Introduction: Glioblastoma (GBM) is the most common and aggressive primary brain tumour, with a median survival of 15 months and a five-year survival rate of less than 10%. Despite aggressive treatment strategies such as the Stupp protocol (maximal safe surgical resection, radiotherapy [RT], and concomitant temozolomide [TMZ]), GBM remains a neurologically destructive and lethal disease. A mediator of GBM invasiveness are the actin-rich membrane projections on cancer cells known as invadopodia. These structures degrade the extracellular matrix, facilitating tumour cell invasion into normal brain. Our study will investigate the repurposing of FDA-approved drugs to reduce cell viability and inhibit invadopodia activity in GBM cells that survive the Stupp protocol.
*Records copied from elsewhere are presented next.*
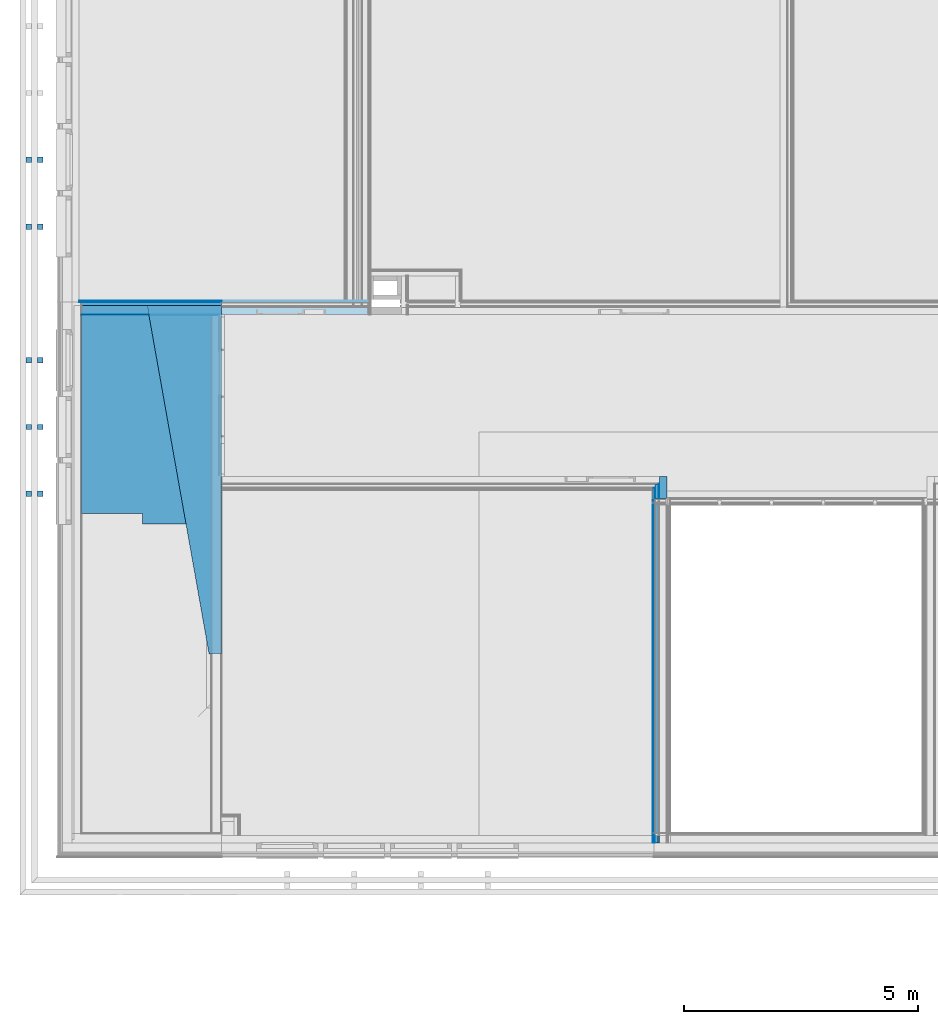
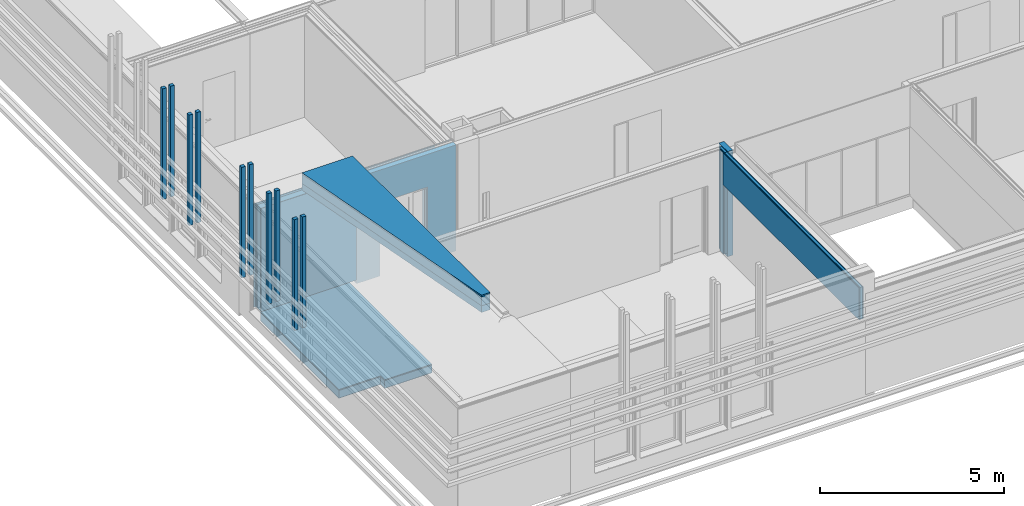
# One storey, part 82 of 139: 24 building element parts, 5 discrete accessories, 1 opening, 6 elements without a shape of their own, plus 2 elements that do not belong to this part.
"""IFC2X3 building model written with IfcOpenShell, lengths in millimetres."""

import ifcopenshell
import ifcopenshell.guid

model = None  # the IFC model being written
_history = None  # IfcOwnerHistory: only IFC2X3 demands one
_inside = {}  # id of a spatial element -> (the spatial element, [elements in it])
_under = {}  # id of a project, library or spatial element -> (it, [spatial elements below it])
_declared = {}  # id of a project -> (the project, [libraries it declares])
_typed = {}  # id of a type object -> (the type object, [elements of that type])
_made_of = {}  # id of a material, layer set ... -> (it, [elements and type objects made of it])


def new_model(schema):
    """Start an empty IFC model of exactly this schema.

    Asked for "IFC4X3", IfcOpenShell would pick the latest addendum, in which some entities
    have other attributes; the version numbers below select the first issue.
    IFC2X3 requires an IfcOwnerHistory on every rooted entity: one is made here for all.
    """
    global model, _history
    if schema == "IFC4X3":
        model = ifcopenshell.file(schema_version=(4, 3, 0, 0))
    else:
        model = ifcopenshell.file(schema=schema)
    _inside.clear()
    _under.clear()
    _declared.clear()
    _typed.clear()
    _made_of.clear()
    _history = None
    if model.schema == "IFC2X3":
        org = make("IfcOrganization", Name="unknown")
        user = make(
            "IfcPersonAndOrganization",
            ThePerson=make("IfcPerson", FamilyName="unknown"),
            TheOrganization=org,
        )
        app = make(
            "IfcApplication",
            ApplicationDeveloper=org,
            Version="unknown",
            ApplicationFullName="unknown",
            ApplicationIdentifier="unknown",
        )
        _history = make(
            "IfcOwnerHistory",
            OwningUser=user,
            OwningApplication=app,
            ChangeAction="ADDED",
            CreationDate=0,
        )
    return model


def make(cls, **values):
    """One entity of the class cls with the attributes given. An attribute that is None is left unset."""
    return model.create_entity(
        cls, **{name: value for name, value in values.items() if value is not None}
    )


def entity(cls, *values):
    """Any entity or typed value of the class cls, its attributes in the order of the schema. None: left unset."""
    e = model.create_entity(cls)
    for i, value in enumerate(values):
        if value is not None:
            e[i] = value
    return e


def rooted(cls, **values):
    """An entity with a GlobalId (a new one), such as an element, a storey or a relation."""
    return make(cls, GlobalId=ifcopenshell.guid.new(), OwnerHistory=_history, **values)


def si_unit(unit_type, name, prefix=None):
    """IfcSIUnit, for example si_unit("LENGTHUNIT", "METRE", prefix="MILLI")."""
    return make("IfcSIUnit", UnitType=unit_type, Prefix=prefix, Name=name)


def converted_unit(unit_type, name, factor, base, dimensions=None, offset=None):
    """IfcConversionBasedUnit, such as the inch: factor (a typed value) times the base unit."""
    return make(
        "IfcConversionBasedUnit"
        if offset is None
        else "IfcConversionBasedUnitWithOffset",
        ConversionOffset=offset,
        Dimensions=None
        if dimensions is None
        else entity("IfcDimensionalExponents", *dimensions),
        UnitType=unit_type,
        Name=name,
        ConversionFactor=make(
            "IfcMeasureWithUnit", ValueComponent=factor, UnitComponent=base
        ),
    )


def derived_unit(unit_type, elements):
    """IfcDerivedUnit: a product of units, each with its exponent."""
    return make(
        "IfcDerivedUnit",
        Elements=[
            make("IfcDerivedUnitElement", Unit=unit, Exponent=power)
            for unit, power in elements
        ],
        UnitType=unit_type,
    )


def money_unit(currency):
    """IfcMonetaryUnit."""
    return make("IfcMonetaryUnit", Currency=currency)


def assignment(units):
    """IfcUnitAssignment: the units of a project."""
    return None if units is None else make("IfcUnitAssignment", Units=units)


def point(xyz):
    """IfcCartesianPoint."""
    return None if xyz is None else make("IfcCartesianPoint", Coordinates=xyz)


def direction(xyz):
    """IfcDirection."""
    return None if xyz is None else make("IfcDirection", DirectionRatios=xyz)


def frame(location, z_axis=None, x_axis=None):
    """IfcAxis2Placement3D, a coordinate frame: its origin and axes. An axis left out is left unset."""
    return make(
        "IfcAxis2Placement3D",
        Location=point(location),
        Axis=direction(z_axis),
        RefDirection=direction(x_axis),
    )


def origin_with_axes():
    """The frame at (0, 0, 0) with the z axis (0, 0, 1) and the x axis (1, 0, 0) written out."""
    return frame((0.0, 0.0, 0.0), z_axis=(0.0, 0.0, 1.0), x_axis=(1.0, 0.0, 0.0))


def place(relative_to, where):
    """IfcLocalPlacement: puts the frame where relative to a parent placement (None: the world)."""
    return make(
        "IfcLocalPlacement", PlacementRelTo=relative_to, RelativePlacement=where
    )


def context(
    kind, dimensions, precision=None, world=None, true_north=None, identifier=None
):
    """IfcGeometricRepresentationContext, for example the 3D "Model" context."""
    return make(
        "IfcGeometricRepresentationContext",
        ContextIdentifier=identifier,
        ContextType=kind,
        CoordinateSpaceDimension=dimensions,
        Precision=precision,
        WorldCoordinateSystem=world,
        TrueNorth=true_north,
    )


def subcontext(parent, identifier, kind, view, scale=None):
    """IfcGeometricRepresentationSubContext, for example "Body" below "Model"."""
    return make(
        "IfcGeometricRepresentationSubContext",
        ContextIdentifier=identifier,
        ContextType=kind,
        ParentContext=parent,
        TargetScale=scale,
        TargetView=view,
    )


def project(units=None, contexts=None):
    """IfcProject with its units and contexts."""
    return rooted(
        "IfcProject",
        Name="project",
        RepresentationContexts=contexts,
        UnitsInContext=assignment(units),
    )


def spatial(cls, under=None, at=None, **own):
    """A site, building, storey or space (cls), placed at a placement, below another one or the project."""
    s = rooted(cls, ObjectPlacement=at, **own)
    if under is not None:
        _under.setdefault(under.id(), (under, []))[1].append(s)
    return s


def faces_of(points, faces, orient=None, outer=None):
    """IfcFace entities. A face is a list of loops; a loop is a list of indices into points, from 0.

    orient and outer hold one flag for each loop. By default every Orientation is true, the
    first loop of a face is its IfcFaceOuterBound and the others are IfcFaceBound.
    """
    made = []
    for i, loops in enumerate(faces):
        bounds = []
        for j, loop in enumerate(loops):
            is_outer = j == 0 if outer is None else outer[i][j]
            bounds.append(
                make(
                    "IfcFaceOuterBound" if is_outer else "IfcFaceBound",
                    Bound=make("IfcPolyLoop", Polygon=[points[k] for k in loop]),
                    Orientation=True if orient is None else orient[i][j],
                )
            )
        made.append(make("IfcFace", Bounds=bounds))
    return made


def faceted_brep(points, faces, orient=None, outer=None, voids=None):
    """IfcFacetedBrep: a solid bounded by flat faces; with voids (closed shells), ...WithVoids."""
    shared = [point(p) for p in points]
    hull = make("IfcClosedShell", CfsFaces=faces_of(shared, faces, orient, outer))
    if voids is None:
        return make("IfcFacetedBrep", Outer=hull)
    return make(
        "IfcFacetedBrepWithVoids",
        Outer=hull,
        Voids=[
            make(cls, CfsFaces=faces_of(shared, fs, o, b)) for cls, fs, o, b in voids
        ],
    )


def shape(context_of_items, identifier, shape_type, items):
    """IfcShapeRepresentation: the items that make up one representation, for example the "Body"."""
    return make(
        "IfcShapeRepresentation",
        ContextOfItems=context_of_items,
        RepresentationIdentifier=identifier,
        RepresentationType=shape_type,
        Items=items,
    )


def material(Name=None, Category=None):
    """IfcMaterial."""
    return make("IfcMaterial", Name=Name, Category=Category)


def material_list(materials):
    """IfcMaterialList."""
    return make("IfcMaterialList", Materials=materials)


def made_of(thing, what):
    """Note that an element or type object is made of a material, layer set ...; save() writes the relation."""
    if what is not None:
        _made_of.setdefault(what.id(), (what, []))[1].append(thing)
    return thing


def type_object(cls, material=None, **own):
    """A type object (cls), such as IfcWallType, which elements share."""
    return made_of(rooted(cls, **own), material)


def element(
    cls,
    number,
    at=None,
    inside=None,
    cuts=None,
    type_object=None,
    material=None,
    context=None,
    identifier="Body",
    shape_type=None,
    held_by="IfcProductDefinitionShape",
    body=None,
    shapes=None,
    **own,
):
    """One element of the class cls, such as IfcWall. Its Tag is "e" and its number.

    at: its placement. inside: the storey or other place that contains it. cuts: it is an
    opening in that element (IfcRelVoidsElement). A single representation is given by context,
    identifier, shape_type and body (its items); several are given by shapes. held_by: the class
    of the entity that holds the representations. save() writes the other relations.
    """
    e = rooted(cls, Tag="e%d" % number, ObjectPlacement=at, **own)
    if body is not None:
        shapes = [shape(context, identifier, shape_type, body)]
    if shapes is not None:
        e.Representation = make(held_by, Representations=shapes)
    if inside is not None:
        _inside.setdefault(inside.id(), (inside, []))[1].append(e)
    if cuts is not None:
        rooted(
            "IfcRelVoidsElement", RelatingBuildingElement=cuts, RelatedOpeningElement=e
        )
    if type_object is not None:
        _typed.setdefault(type_object.id(), (type_object, []))[1].append(e)
    return made_of(e, material)


def aggregate(whole, parts):
    """IfcRelAggregates: a whole, such as a stair, and the parts it consists of."""
    return rooted("IfcRelAggregates", RelatingObject=whole, RelatedObjects=parts)


def save(model, path):
    """Write the relations noted so far, then the file.

    IfcRelAggregates (storeys below a building ...), IfcRelContainedInSpatialStructure (elements
    in a storey), IfcRelDefinesByType, IfcRelAssociatesMaterial and IfcRelDeclares: one each for
    every whole, place, type object, material and project.
    """
    for whole, parts in _under.values():
        aggregate(whole, parts)
    for where, things in _inside.values():
        rooted(
            "IfcRelContainedInSpatialStructure",
            RelatedElements=things,
            RelatingStructure=where,
        )
    for kind, things in _typed.values():
        rooted("IfcRelDefinesByType", RelatedObjects=things, RelatingType=kind)
    for what, things in _made_of.values():
        rooted("IfcRelAssociatesMaterial", RelatedObjects=things, RelatingMaterial=what)
    for by, libraries in _declared.values():
        rooted("IfcRelDeclares", RelatingContext=by, RelatedDefinitions=libraries)
    model.write(path)


model = new_model("IFC2X3")

# Units and contexts
model_context = context("Model", 3, precision=0.01, world=origin_with_axes(), true_north=direction((0.0, 1.0)))
body_context = subcontext(model_context, "Body", "Model", "MODEL_VIEW")
ifc_project = project(units=[si_unit("LENGTHUNIT", "METRE", prefix="MILLI"), si_unit("AREAUNIT", "SQUARE_METRE"), si_unit("VOLUMEUNIT", "CUBIC_METRE"), converted_unit("PLANEANGLEUNIT", "DEGREE", entity("IfcPlaneAngleMeasure", 0.0174532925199), si_unit("PLANEANGLEUNIT", "RADIAN"), dimensions=[0, 0, 0, 0, 0, 0, 0]), money_unit("EUR"), converted_unit("TIMEUNIT", "Year", entity("IfcTimeMeasure", 31556926.0), si_unit("TIMEUNIT", "SECOND"), dimensions=[0, 0, 1, 0, 0, 0, 0]), si_unit("MASSUNIT", "GRAM", prefix="KILO"), si_unit("THERMODYNAMICTEMPERATUREUNIT", "DEGREE_CELSIUS"), si_unit("LUMINOUSINTENSITYUNIT", "LUMEN"), si_unit("ENERGYUNIT", "JOULE", prefix="MEGA"), derived_unit("THERMALCONDUCTANCEUNIT", [(si_unit("POWERUNIT", "WATT"), 1), (si_unit("LENGTHUNIT", "METRE"), -1), (si_unit("THERMODYNAMICTEMPERATUREUNIT", "KELVIN"), -1)]), derived_unit("SPECIFICHEATCAPACITYUNIT", [(si_unit("ENERGYUNIT", "JOULE"), 1), (si_unit("MASSUNIT", "GRAM", prefix="KILO"), -1), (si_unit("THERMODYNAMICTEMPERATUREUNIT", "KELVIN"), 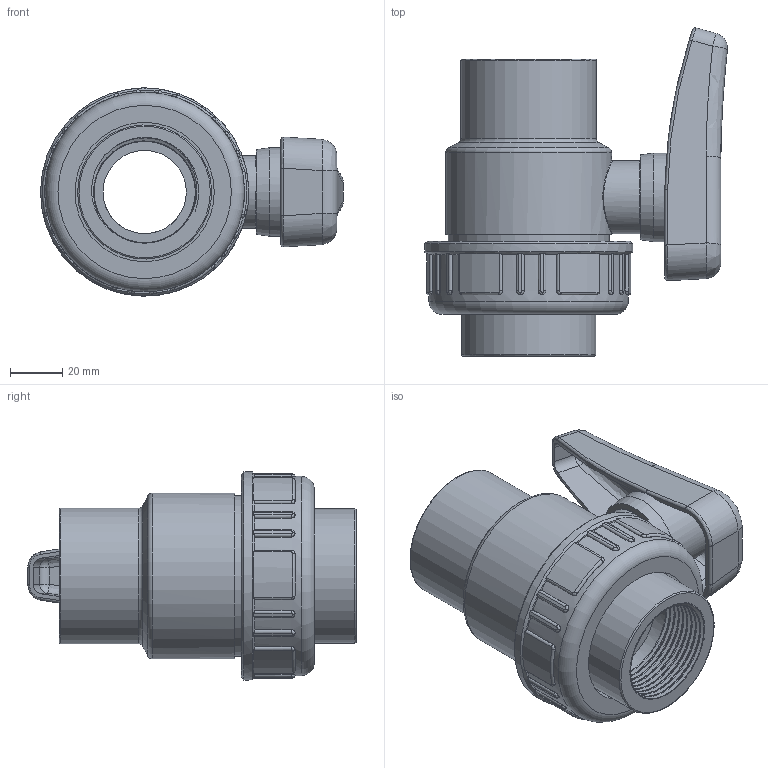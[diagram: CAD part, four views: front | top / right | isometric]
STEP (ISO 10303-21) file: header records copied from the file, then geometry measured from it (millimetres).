
FILE_DESCRIPTION(/* description */ (''),/* implementation_level */ '2;1');
FILE_NAME(/* name */ 'C:\Users\POLYPIPE\Desktop\DATASET INVENTOR\LIBRERIA EFFAST\3D_VALVOLE\3D_VALVOLE A SFERA\3D_SV\3D_BERSVE\3D_BERSVE040E.stp',/* time_stamp */ '2018-01-24T14:52:56+01:00',/* author */ ('POLYPIPE'),/* organization */ (''),/* preprocessor_version */ 'ST-DEVELOPER v16.1',/* originating_system */ 'Autodesk Inventor 2016',/* authorisation */ '');
FILE_SCHEMA (('CONFIG_CONTROL_DESIGN'));
Length unit declared in the file: centimetre
Products named in the file (1): 3D_BERSVE040E
Bounding box: 116.38 x 126.15 x 80 mm (x, y, z)
Volume: 263625.8 mm3; surface area: 79215.6 mm2
Topology: 2 solids, 2 shells, 361 faces, 926 edges, 570 vertices
Faces by surface type: cylinder 117, bspline 105, plane 104, torus 19, sphere 12, cone 4
Full cylindrical faces by diameter (mm): 18.1 x1, 28.1 x1, 32 x2, 34 x1, 38.952 x2, 51.5 x1, 52 x1, 53.5 x1, 60 x1, 61.8 x1, 63.7 x1, 65.6 x1, 76.6 x1, 80 x1
Entity records: 40626 total; most frequent: CARTESIAN_POINT 32109, ORIENTED_EDGE 1784, DIRECTION 1531, EDGE_CURVE 892, AXIS2_PLACEMENT_3D 604, VERTEX_POINT 561, EDGE_LOOP 401, STYLED_ITEM 363

Methods: Our study is investigating the effects of four FDA-approved drugs—vinorelbine, fluoxetine, flunarizine, and quinine (not previously used for the treatment of GBM patients) —in single/combinatorial treatments. We will utilise various assays including MTT assays, western blotting, zymography, and invadopodia-mediated FITC gelatin degradation assays to identify combinations that best reduce GBM cell viability and invadopodia formation/activity. Additionally, we will assess these combinations in conjunction with RT/TMZ to determine their impact on cell viability and post-RT/TMZ enhanced invadopodia activity. Promising combinations from the early experiments on the parental cell lines will be further tested on long-term treated GBM cells that have undergone 10 rounds of RT/TMZ treatment.
Results: So far, our study has confirmed that GBM cell lines increase the formation of invadopodia (FITC-gelatin degrading and non-degrading), with increased FITC-gelatin degrading activity observed after only a single dose of RT/TMZ (2 Gy/50 µM). This finding indicates that the increased invadopodia activity observed after RT/TMZ treatment may enhance GBM invasiveness in the surviving cells. Furthermore, preliminary results are already showing a significant reduction in GBM cell viability when certain FDA-drug combinations are coupled with RT/TMZ.
Conclusion: To date, our study results show potential for the repurposing of our four FDA-approved drugs, due to the reduction in GBM cell viability and invadopodia activity with certain combinations. These findings provide a foundation for the future incorporation of invadopodia-targeting therapies into existing treatment protocols, with the potential to improve patient outcomes in this fatal disease.